[Records from a data source]
§ §

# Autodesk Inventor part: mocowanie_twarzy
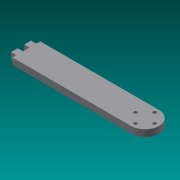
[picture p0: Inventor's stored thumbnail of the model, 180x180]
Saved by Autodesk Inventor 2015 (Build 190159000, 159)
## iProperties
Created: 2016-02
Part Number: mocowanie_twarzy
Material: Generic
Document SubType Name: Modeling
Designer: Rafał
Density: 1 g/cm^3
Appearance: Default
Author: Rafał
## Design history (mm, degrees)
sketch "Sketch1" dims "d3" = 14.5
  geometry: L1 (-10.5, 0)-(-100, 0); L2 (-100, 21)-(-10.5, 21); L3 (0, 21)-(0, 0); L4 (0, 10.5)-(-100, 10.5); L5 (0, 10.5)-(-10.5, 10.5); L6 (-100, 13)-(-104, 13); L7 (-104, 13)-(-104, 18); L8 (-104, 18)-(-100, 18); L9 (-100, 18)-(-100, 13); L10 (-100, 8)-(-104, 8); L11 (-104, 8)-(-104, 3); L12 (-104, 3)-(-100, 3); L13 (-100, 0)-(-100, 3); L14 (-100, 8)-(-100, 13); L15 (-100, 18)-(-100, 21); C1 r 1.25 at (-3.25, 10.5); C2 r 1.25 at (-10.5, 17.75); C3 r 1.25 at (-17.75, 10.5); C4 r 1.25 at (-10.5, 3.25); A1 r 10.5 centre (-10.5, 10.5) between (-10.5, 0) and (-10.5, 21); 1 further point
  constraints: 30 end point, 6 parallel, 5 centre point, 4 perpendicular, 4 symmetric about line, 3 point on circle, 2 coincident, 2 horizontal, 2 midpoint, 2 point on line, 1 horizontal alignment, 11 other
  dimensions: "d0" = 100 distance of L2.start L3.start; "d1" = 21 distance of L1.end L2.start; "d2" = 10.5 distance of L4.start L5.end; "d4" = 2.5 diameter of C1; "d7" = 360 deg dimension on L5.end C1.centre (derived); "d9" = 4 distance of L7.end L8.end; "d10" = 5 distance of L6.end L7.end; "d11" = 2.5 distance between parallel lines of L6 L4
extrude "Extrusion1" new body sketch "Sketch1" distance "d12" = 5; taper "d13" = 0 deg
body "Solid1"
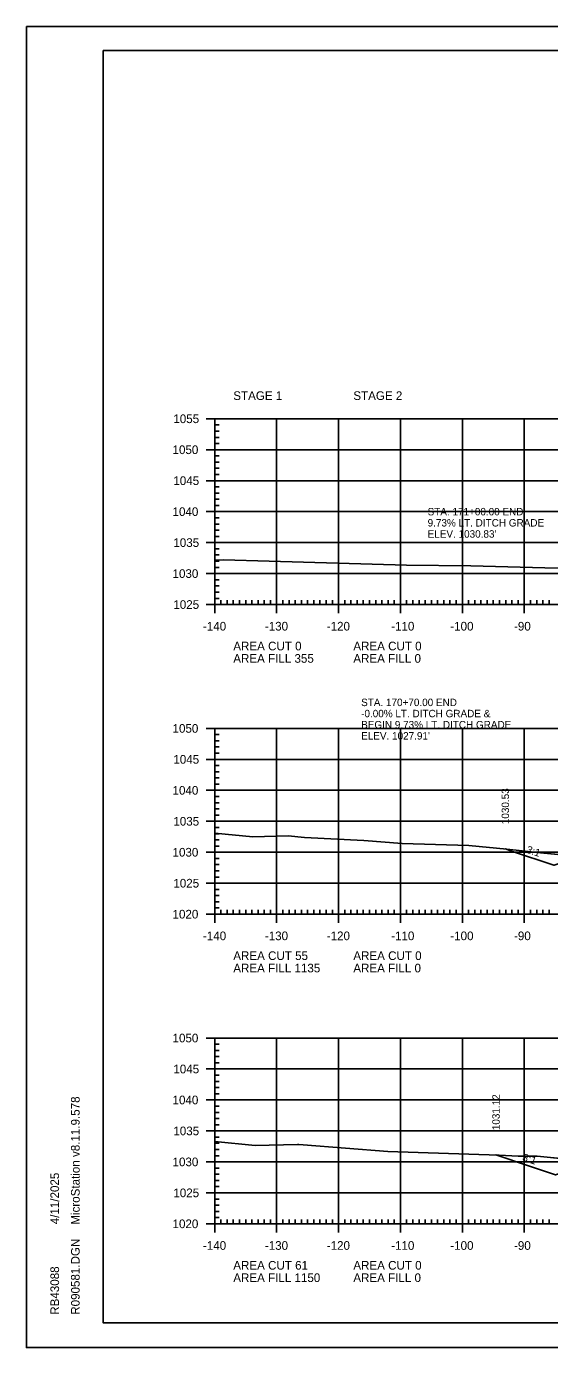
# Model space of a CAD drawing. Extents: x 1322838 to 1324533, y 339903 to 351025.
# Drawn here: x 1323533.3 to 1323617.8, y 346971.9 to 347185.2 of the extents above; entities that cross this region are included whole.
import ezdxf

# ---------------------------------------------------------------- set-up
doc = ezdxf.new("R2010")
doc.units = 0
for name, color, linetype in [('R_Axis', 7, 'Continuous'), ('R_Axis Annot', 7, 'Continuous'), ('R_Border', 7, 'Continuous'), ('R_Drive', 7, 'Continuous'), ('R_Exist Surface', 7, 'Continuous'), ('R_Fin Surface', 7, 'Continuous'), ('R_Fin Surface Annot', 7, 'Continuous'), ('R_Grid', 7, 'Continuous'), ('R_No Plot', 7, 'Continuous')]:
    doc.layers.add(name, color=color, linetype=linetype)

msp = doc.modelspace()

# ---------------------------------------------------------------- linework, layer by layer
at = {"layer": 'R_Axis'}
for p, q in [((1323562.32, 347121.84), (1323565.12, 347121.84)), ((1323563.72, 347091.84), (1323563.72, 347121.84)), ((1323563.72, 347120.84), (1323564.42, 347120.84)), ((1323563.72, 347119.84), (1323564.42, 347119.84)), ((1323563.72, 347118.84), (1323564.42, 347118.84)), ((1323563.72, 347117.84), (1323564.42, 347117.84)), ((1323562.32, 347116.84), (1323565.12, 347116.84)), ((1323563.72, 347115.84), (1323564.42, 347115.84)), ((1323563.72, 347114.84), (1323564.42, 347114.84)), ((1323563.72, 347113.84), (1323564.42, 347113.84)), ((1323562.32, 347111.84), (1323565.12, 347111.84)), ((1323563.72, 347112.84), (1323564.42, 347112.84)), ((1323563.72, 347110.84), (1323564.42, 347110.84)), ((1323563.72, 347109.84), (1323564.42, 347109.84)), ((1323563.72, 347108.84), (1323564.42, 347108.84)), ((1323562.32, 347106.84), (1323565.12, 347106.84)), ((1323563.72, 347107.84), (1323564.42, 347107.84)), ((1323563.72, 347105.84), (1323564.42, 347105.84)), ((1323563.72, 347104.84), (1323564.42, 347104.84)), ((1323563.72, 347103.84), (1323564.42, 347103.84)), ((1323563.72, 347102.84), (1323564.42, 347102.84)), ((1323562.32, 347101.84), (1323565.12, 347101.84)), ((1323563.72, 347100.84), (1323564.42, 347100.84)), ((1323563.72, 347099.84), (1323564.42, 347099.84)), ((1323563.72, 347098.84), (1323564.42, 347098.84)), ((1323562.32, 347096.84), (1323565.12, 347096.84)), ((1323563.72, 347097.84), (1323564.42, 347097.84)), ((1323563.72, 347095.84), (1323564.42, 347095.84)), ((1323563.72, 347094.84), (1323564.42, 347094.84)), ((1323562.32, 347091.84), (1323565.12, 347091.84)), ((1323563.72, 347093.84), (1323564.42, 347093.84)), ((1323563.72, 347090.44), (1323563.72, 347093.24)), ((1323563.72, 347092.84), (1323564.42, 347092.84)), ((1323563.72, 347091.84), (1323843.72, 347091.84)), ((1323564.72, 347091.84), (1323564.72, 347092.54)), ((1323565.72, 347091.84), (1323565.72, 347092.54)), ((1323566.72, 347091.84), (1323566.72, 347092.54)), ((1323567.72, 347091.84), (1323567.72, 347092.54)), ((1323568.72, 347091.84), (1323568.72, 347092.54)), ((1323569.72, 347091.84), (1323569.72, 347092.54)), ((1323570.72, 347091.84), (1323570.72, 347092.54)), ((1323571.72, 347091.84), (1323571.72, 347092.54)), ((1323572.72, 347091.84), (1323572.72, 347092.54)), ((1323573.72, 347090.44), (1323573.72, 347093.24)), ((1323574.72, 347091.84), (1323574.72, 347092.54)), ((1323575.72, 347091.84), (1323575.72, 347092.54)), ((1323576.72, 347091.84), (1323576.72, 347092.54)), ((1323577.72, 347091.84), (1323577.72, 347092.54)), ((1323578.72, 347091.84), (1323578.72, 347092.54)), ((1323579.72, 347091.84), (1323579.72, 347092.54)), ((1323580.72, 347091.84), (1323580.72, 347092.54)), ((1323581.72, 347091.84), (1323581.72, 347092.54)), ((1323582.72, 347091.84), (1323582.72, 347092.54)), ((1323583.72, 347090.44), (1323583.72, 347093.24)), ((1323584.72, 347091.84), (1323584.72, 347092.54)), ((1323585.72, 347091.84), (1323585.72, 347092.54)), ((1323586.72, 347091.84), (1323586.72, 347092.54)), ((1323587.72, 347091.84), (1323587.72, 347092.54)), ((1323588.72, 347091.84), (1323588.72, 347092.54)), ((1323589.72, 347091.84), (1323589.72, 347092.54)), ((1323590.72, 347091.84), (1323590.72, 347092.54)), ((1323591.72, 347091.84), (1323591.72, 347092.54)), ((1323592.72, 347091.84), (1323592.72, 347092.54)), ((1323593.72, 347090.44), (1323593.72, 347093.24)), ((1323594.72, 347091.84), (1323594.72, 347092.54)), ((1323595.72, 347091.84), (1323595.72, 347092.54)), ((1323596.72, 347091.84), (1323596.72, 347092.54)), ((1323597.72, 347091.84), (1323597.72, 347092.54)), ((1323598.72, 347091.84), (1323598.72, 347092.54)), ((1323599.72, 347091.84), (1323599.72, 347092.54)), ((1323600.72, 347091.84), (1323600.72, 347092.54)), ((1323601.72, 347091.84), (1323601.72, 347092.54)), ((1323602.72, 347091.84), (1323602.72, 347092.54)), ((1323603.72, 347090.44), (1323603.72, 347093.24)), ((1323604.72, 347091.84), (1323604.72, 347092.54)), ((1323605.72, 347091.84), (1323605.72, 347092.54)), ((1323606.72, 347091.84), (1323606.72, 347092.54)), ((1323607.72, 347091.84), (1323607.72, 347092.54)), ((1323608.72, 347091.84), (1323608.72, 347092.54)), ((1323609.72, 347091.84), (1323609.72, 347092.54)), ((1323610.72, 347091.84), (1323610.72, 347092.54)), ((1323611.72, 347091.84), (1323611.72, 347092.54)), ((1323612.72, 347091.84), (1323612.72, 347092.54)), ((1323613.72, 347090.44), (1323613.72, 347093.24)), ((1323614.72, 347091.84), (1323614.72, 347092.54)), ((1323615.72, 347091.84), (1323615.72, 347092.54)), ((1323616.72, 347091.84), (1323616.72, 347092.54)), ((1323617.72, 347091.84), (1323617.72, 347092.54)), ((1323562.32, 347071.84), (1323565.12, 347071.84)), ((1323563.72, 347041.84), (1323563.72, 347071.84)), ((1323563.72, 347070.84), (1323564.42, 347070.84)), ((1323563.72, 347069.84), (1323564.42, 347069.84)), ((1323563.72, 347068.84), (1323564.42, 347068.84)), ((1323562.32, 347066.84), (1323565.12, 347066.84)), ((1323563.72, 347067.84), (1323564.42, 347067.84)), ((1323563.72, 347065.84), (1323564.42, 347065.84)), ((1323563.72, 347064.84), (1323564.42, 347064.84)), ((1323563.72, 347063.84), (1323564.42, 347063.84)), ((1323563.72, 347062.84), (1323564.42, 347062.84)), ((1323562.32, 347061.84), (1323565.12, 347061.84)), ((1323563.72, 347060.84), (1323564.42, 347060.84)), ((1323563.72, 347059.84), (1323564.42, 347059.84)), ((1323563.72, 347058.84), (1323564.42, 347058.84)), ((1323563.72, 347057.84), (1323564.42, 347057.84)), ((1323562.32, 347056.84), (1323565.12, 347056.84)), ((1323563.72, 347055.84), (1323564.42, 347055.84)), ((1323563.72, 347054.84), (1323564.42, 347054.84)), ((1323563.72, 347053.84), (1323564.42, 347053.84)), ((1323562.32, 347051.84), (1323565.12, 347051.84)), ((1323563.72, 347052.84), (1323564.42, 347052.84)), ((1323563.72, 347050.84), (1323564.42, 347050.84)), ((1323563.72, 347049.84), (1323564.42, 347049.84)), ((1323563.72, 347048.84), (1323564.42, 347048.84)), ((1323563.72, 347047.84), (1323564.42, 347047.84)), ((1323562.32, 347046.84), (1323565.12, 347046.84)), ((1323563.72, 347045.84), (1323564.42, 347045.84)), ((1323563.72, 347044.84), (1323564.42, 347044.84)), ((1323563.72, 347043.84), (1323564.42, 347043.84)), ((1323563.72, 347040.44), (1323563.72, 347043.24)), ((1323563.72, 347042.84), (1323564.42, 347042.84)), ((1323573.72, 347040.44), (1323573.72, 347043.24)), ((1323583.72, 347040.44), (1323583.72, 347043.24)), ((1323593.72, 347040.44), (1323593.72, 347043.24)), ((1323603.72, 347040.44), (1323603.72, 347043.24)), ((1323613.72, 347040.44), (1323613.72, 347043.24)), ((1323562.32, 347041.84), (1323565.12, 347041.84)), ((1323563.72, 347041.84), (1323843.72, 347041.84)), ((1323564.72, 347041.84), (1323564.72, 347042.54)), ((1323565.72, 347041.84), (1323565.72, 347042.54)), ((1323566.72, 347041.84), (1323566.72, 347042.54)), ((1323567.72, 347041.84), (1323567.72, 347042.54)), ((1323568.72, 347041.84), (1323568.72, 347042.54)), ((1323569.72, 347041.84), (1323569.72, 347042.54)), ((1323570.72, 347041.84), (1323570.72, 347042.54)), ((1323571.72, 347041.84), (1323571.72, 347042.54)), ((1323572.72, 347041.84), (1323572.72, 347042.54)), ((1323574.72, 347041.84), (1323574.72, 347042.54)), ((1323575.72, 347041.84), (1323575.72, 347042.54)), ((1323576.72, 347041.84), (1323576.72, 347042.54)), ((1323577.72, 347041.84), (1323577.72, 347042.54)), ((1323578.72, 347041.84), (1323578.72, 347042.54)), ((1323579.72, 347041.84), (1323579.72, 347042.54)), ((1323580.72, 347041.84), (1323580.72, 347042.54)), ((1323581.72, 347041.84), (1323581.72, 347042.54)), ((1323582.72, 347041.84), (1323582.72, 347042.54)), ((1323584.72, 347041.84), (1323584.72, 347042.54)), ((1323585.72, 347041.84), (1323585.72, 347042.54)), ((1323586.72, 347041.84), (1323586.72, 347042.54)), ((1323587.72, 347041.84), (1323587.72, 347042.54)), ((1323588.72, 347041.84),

§ §

Task description ->
Copy every line of the entries above in which "body" occurs.

Exercise result ->
extrude "Extrusion1" new body sketch "Sketch1" distance "d12" = 5; taper "d13" = 0 deg
body "Solid1"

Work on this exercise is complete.